A Kalispell businesswoman wants others to know about a scam she ran into this month.

Laurie Daugharty of Montana Pharmaceutical Services Inc. didn't fall for the scheme, which she says involves a telephone device for the deaf, stolen credit card numbers, and Nigeria.

Nigerian scams are almost a cliche in the Internet world of fraud, where nearly everyone with a computer has gotten a bogus plea to help a Nigerian family flee the country with secured funds.

Daugharty's story is different, but she said she has heard from others who have been contacted in the same way.

She is a licensed pharmacist, running a closed-door pharmacy.

On June 15, she was called by a man identifying himself as a doctor. Calling with a translator through a telephone device for the deaf, he wanted 30 stethoscopes sent immediately. He was specific on what he wanted - Littman Classic II models, shipped to a town called Jamaica in New York. He also was interested in buying blood-pressure cuffs.

Daugharty faxed him an order form and accepted the terms that included shipping costs and the sale price. He signed the order and gave two Visa credit-card numbers for payment.
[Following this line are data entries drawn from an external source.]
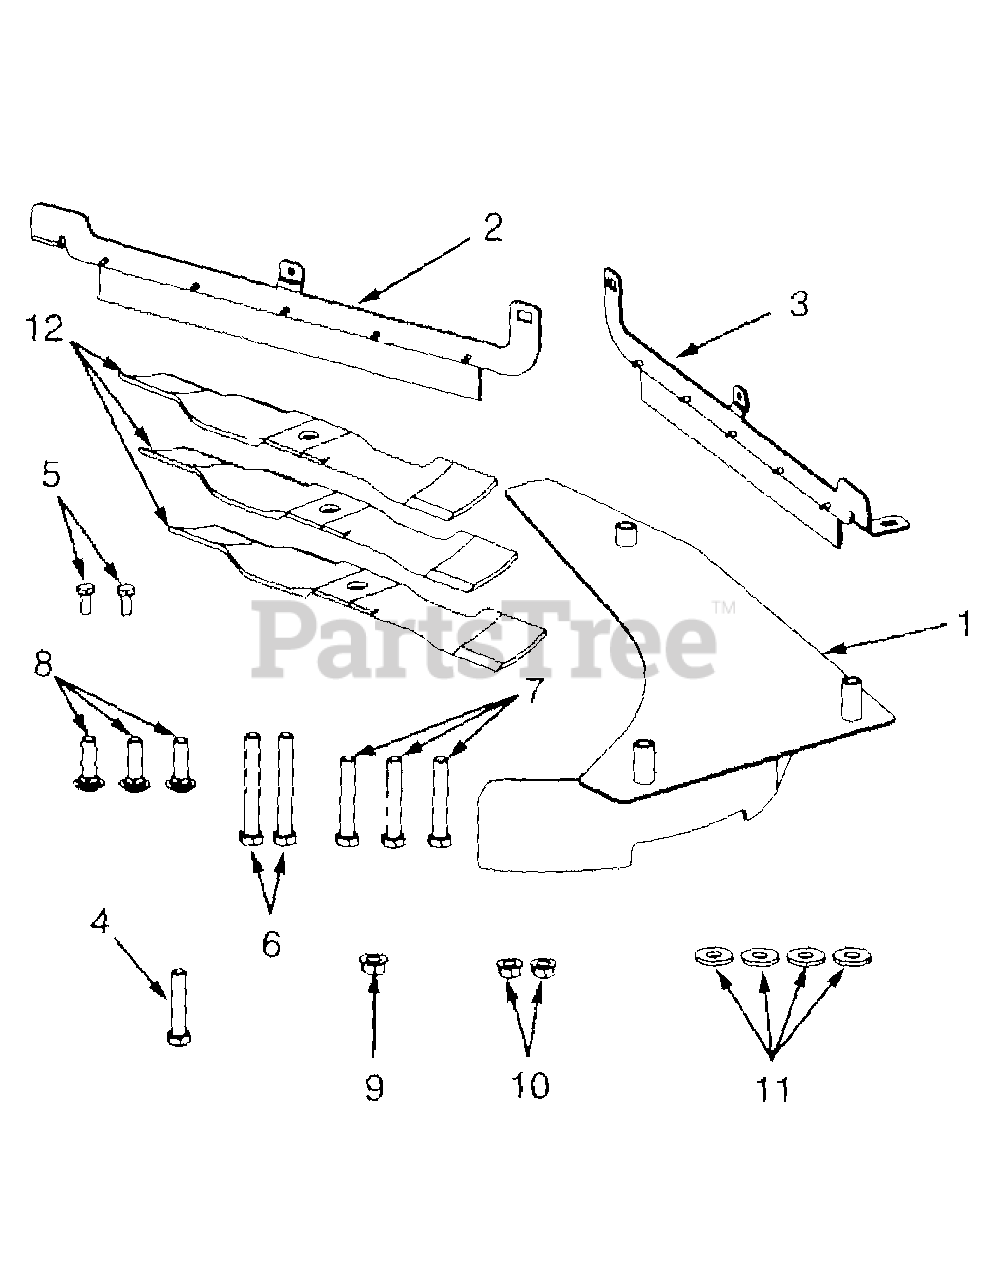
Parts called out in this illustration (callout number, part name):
4	Screw, Hex Cap, 3/8-16 x 1.5 GR5
5	Screw, Hex Cap, 1/4-20 x .62 GR5
6	Screw, Hex Cap, 3/8-16 x 2.25 GR
7	Screw, Hex Cap, 3/8-16 x 1.75
8	Bolt, Carriage, 3/8-16 x 1.0 GR5
9	Nut, Hex Flange Lock, 3/8-16
10	Nut, Hex Flange Lock, 1/4-20
11	Washer, Flat, .406 X 1.0 X .105
12	Blade, Mulching, 16.5 Lg
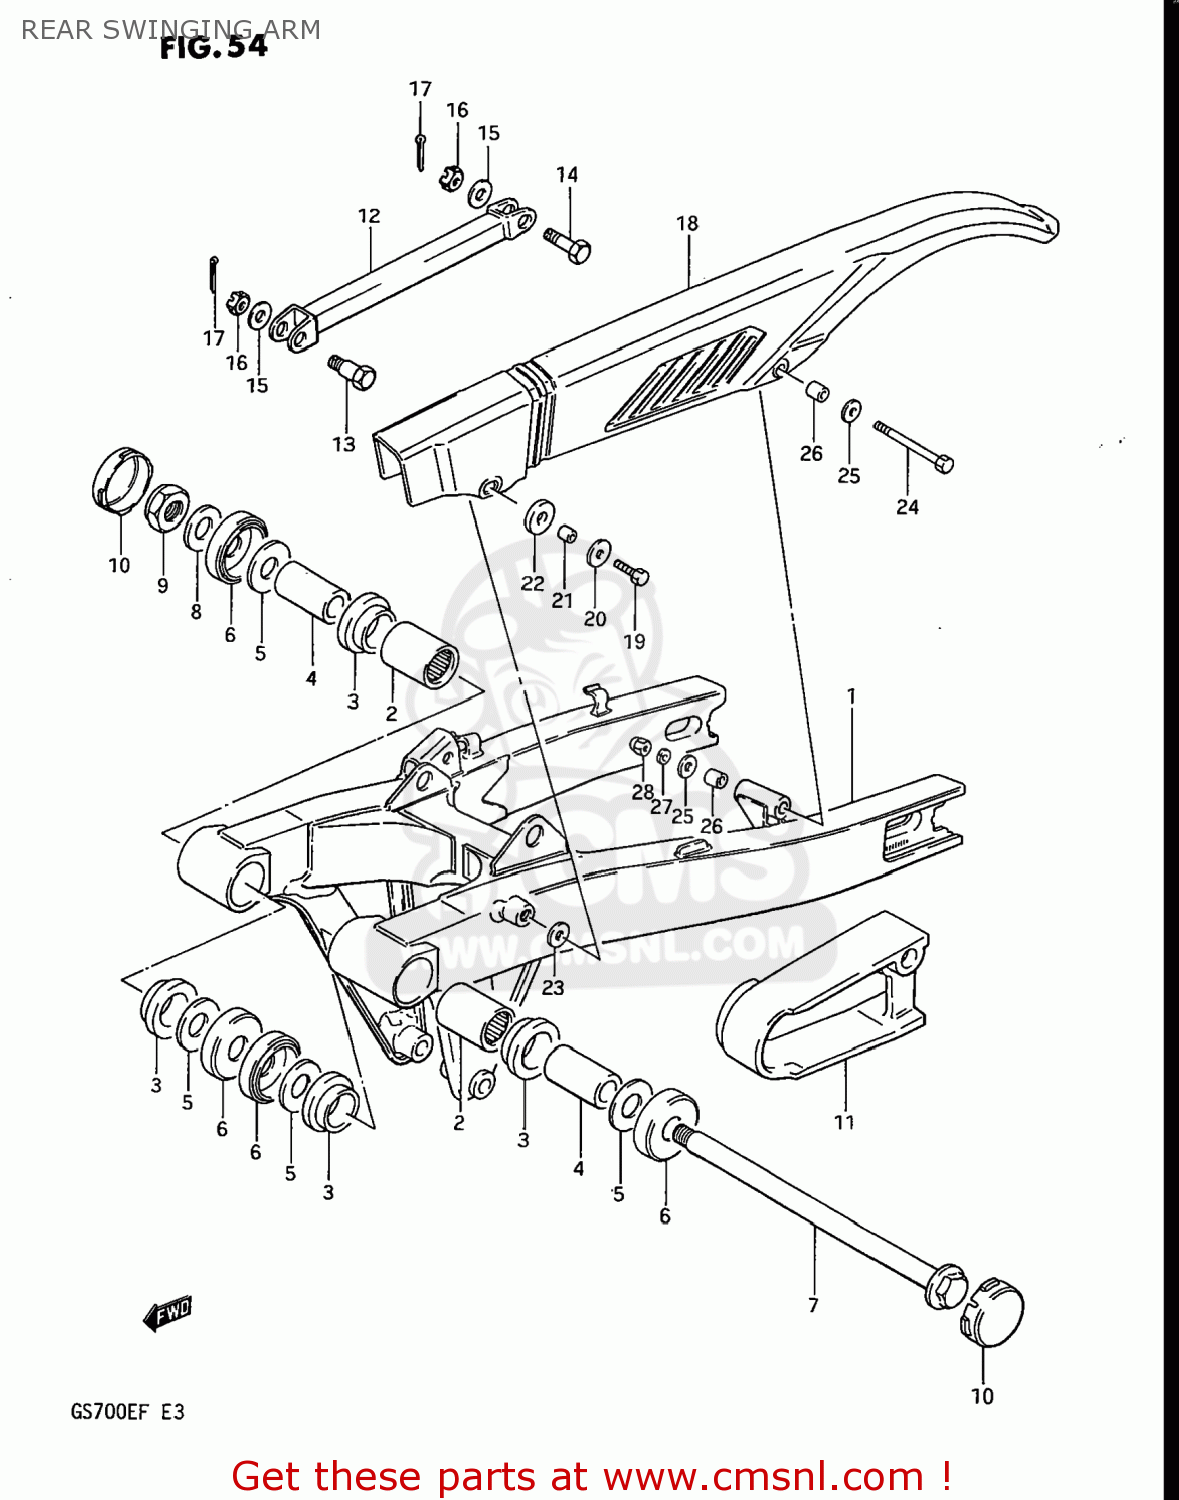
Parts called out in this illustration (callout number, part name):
1	SWING ARM ASSEMBLY,REAR
2	BEARING(25X33X30)
3	BUSHING
4	SPACER,RR SWGARM PIVOT
5	WASHER
6	COVER,RR SWINGINGARM PIVOT
7	SHAFT,REAR SWING ARM
8	WASHER
9	NUT
10	CAP,PIVOT
11	BUFFER,DEFENSE
12	TORQUE LINK,REAR
13	BOLT
14	BOLT(10X39)
15	WASHER
16	NUT
17	PIN 20X20
18	CASE,CHAIN
19	BOLT 6X16
20	WASHER (6.5X22X1.6)
21	SPACER
22	WASHER
23	WASHER (6.5X22X1.6)
24	BOLT 6X60
25	WASHER(6.5X18X1)
26	SPACER
27	WASHER,LOCK
28	NUT 6MM

Then Daugharty received an anonymous call warning her that the credit cards were stolen and she was being scammed. The caller told her to research "scams through relay" on the Internet and she did. She read about schemes similar to the order she just took.

She decided not to process the order. She called Visa and the FBI. They were no help, she said, but the credit-card company urged her to try to get more credit-card numbers.
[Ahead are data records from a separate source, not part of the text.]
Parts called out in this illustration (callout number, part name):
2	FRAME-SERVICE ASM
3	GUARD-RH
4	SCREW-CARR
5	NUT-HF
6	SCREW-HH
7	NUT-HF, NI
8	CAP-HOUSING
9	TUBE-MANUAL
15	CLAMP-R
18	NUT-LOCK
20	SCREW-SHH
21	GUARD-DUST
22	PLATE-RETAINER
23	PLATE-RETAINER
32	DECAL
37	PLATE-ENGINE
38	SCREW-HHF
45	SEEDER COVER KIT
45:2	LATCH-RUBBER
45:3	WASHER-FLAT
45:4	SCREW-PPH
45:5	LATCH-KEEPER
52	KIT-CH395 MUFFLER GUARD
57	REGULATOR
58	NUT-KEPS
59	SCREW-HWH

She contacted the man who placed the order and told him the credit cards were declined. He supplied two more, using a decidedly unprofessional e-mail address through Yahoo!.

The credit-card numbers also were a tip-off, she said. The first three of four clusters of numbers were identical, with only the last four digits changing. The odds of that happening legitimately are almost nonexistent, Daugharty learned.

She and the man talked again through a relay system and the man insisted that he wanted the stethoscopes shipped immediately. Now the shipping address changed to an address in Nigeria.

On Friday, Daugharty was hoping to coax a few more credit-card numbers from the man. She will report the numbers to the credit-card company and let them sort out what to do if they are stolen.

She is out the shipping costs and will have to pay a restocking fee when she returns the stethoscopes she ordered.

She said she thinks the man scams merchandise using stolen credit card numbers and then sells the items on eBay or through other outlets, she said.

She said a commercial pharmacy in Kalispell may also have been targeted, as well as someone she knows who sells jewelry in Montana.

"We'd like the community to know" about the scam, she said. "It's happening here and now in Kalispell."